In order to improve the angle constraint guidance law performance, many researches have been conducted based on advanced control theory. In order to improve the robust performance of the angle constraint guidance law under uncertain disturbances such as target maneuver, unmodeled dynamics and the like, the angle constraint guidance law based on methods such as sliding mode control, self-adaptive control and the like appears. In recent years, with the development of a finite time control theory, an angle constraint guidance law based on a finite time stabilization method also appears. Compared with the traditional progressive stabilization method, the limited time angle constraint guidance law can realize the limited time of the guidance error, and the rapidity and the high precision of convergence are ensured. Compared with the traditional finite time control, the upper limit of the convergence time of the fixed time control method is irrelevant to the initial value of the system, so that the problem that the convergence speed is influenced by the initial value of the system in the traditional finite time control can be effectively solved. On the other hand, the development of observer technology provides a basis for developing guidance law designs with part of states being measurable.

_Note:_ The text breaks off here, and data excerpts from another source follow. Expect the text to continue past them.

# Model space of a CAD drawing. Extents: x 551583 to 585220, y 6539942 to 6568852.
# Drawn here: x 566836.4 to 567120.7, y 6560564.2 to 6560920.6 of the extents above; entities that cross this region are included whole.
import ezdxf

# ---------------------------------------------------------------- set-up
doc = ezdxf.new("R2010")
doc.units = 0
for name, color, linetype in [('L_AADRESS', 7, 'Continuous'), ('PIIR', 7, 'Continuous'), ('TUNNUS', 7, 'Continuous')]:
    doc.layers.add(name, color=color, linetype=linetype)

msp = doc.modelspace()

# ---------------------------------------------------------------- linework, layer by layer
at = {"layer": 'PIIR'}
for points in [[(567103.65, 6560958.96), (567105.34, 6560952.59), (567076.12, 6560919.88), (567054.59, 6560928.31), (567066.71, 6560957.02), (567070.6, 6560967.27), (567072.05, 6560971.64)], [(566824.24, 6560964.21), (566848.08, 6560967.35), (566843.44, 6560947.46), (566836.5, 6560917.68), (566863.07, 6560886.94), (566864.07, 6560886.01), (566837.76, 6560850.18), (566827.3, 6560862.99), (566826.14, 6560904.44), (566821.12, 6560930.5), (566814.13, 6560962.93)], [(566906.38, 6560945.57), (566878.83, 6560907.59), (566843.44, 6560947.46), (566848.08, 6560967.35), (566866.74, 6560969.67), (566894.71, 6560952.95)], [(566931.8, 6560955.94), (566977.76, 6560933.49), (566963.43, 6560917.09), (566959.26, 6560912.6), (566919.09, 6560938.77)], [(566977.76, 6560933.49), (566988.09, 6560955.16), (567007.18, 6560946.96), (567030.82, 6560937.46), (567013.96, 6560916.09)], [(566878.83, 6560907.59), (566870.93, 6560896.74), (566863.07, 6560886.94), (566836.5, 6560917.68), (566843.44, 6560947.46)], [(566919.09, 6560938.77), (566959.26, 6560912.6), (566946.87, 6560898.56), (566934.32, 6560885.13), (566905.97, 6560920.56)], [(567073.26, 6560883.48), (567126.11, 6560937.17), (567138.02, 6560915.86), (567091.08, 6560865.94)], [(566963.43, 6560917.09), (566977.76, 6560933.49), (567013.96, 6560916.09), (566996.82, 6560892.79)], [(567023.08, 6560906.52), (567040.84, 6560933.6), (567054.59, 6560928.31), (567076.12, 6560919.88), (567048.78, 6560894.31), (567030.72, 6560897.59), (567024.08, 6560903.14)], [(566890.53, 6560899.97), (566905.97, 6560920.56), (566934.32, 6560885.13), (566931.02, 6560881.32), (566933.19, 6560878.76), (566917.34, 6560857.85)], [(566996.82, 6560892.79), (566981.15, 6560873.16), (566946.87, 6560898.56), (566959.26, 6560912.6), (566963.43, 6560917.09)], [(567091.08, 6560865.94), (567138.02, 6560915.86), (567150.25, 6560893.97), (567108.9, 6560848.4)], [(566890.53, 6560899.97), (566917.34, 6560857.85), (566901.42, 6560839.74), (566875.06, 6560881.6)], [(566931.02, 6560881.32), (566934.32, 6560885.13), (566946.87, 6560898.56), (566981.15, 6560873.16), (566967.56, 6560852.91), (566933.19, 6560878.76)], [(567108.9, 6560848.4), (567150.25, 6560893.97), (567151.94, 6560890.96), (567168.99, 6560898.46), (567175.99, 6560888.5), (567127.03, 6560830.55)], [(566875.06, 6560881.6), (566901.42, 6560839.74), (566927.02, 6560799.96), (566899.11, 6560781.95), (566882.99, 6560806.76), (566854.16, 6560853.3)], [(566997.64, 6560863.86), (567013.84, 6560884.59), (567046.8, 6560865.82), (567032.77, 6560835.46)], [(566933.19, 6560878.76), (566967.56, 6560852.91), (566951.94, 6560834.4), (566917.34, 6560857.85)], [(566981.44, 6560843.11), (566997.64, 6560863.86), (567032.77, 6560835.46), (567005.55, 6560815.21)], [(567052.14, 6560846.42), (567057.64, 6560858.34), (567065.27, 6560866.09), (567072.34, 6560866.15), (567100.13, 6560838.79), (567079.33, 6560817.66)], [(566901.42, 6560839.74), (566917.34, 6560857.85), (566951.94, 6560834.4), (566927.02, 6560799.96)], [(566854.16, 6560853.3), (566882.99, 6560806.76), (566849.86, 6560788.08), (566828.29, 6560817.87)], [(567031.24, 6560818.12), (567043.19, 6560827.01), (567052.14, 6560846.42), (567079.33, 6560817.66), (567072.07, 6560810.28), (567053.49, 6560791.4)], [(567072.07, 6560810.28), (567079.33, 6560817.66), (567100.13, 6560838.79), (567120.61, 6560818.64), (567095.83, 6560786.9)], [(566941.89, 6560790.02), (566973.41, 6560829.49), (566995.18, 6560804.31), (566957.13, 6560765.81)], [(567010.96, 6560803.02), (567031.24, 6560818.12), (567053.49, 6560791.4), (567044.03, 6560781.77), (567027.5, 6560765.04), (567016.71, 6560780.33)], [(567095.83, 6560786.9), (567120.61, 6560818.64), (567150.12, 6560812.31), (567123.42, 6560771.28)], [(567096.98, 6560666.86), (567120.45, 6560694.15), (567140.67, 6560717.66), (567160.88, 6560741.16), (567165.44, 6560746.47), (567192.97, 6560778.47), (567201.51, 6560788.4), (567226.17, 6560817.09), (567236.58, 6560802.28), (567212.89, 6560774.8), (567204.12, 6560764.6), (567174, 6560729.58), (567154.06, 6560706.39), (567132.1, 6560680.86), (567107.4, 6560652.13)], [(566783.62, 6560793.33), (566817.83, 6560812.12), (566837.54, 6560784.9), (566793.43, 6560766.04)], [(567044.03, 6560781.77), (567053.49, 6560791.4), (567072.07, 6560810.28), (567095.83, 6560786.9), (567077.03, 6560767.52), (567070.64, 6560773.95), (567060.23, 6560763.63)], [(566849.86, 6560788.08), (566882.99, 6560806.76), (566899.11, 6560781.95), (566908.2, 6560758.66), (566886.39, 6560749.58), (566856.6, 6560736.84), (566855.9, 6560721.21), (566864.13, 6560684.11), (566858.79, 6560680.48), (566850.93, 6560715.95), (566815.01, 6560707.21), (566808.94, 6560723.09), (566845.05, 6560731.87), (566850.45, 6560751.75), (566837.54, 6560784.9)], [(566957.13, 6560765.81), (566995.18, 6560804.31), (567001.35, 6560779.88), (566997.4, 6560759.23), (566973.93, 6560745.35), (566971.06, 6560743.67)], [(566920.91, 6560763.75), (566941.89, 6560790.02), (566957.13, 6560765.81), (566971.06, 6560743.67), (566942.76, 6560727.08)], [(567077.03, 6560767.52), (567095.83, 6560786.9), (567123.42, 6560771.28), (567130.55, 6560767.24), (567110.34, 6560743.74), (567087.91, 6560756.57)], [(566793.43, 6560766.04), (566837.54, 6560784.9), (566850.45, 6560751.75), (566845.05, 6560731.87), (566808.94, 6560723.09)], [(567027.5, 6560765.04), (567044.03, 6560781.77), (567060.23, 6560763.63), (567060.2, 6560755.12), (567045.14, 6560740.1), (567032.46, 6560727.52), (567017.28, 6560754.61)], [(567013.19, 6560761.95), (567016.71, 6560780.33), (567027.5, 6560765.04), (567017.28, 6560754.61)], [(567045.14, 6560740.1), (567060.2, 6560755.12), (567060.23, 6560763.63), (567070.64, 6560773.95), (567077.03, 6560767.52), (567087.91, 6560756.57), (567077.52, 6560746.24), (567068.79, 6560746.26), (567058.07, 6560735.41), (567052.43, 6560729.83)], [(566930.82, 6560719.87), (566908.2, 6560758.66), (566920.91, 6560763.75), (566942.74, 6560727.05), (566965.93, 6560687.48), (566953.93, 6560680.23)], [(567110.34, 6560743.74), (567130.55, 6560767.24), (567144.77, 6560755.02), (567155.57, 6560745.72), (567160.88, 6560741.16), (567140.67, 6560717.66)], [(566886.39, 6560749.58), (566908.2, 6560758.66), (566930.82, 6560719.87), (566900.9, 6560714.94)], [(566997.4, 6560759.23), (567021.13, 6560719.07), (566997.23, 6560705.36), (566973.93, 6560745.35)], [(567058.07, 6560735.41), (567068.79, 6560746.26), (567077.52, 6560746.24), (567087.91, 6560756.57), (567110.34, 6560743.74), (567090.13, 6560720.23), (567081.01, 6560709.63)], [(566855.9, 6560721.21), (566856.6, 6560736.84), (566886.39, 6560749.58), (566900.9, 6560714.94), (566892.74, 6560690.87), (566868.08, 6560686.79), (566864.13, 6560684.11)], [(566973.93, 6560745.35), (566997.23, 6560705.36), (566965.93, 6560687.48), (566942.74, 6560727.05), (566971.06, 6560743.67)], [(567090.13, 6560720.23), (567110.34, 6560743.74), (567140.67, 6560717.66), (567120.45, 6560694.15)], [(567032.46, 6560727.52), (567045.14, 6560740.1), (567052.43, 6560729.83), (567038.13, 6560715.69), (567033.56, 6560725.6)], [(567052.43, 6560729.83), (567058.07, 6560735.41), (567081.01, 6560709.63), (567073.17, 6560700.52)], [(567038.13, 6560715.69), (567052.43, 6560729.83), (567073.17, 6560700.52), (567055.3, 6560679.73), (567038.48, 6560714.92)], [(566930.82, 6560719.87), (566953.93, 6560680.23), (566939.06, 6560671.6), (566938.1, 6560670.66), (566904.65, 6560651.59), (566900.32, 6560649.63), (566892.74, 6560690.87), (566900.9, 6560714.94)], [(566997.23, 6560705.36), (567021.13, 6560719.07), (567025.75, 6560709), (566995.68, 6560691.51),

At present, two main problems exist, so that the limited time angle constraint guidance law is difficult to realize in engineering: 1) The convergence time is related to the initial state of the bullet, and when the initial value is large, the system convergence speed cannot be ensured; 2) The existing methods all adopt full state feedback for guidance, and in fact, partial states are difficult to realize due to high measurement cost.

Disclosure of Invention

In order to overcome the defects of the prior art, the invention provides a design method of guided rocket projectile angle constraint guidance law with fixed time convergence, which comprises the steps of firstly designing a fixed time state observer to estimate an unmeasurable system state based on a consistent accurate robust differentiator algorithm; then designing an integral sliding mode surface converging at fixed time and providing a fixed time guidance law; compared with the traditional limited time angle constraint guidance law, the method can not only ensure that the upper bound of convergence time is not influenced by an initial state, but also simplify the hardware composition of a guidance system by adopting a partial state feedback strategy, is convenient for engineering application, and effectively solves the two problems of the angle constraint guidance law. Finally, the effectiveness of the method is verified through simulation.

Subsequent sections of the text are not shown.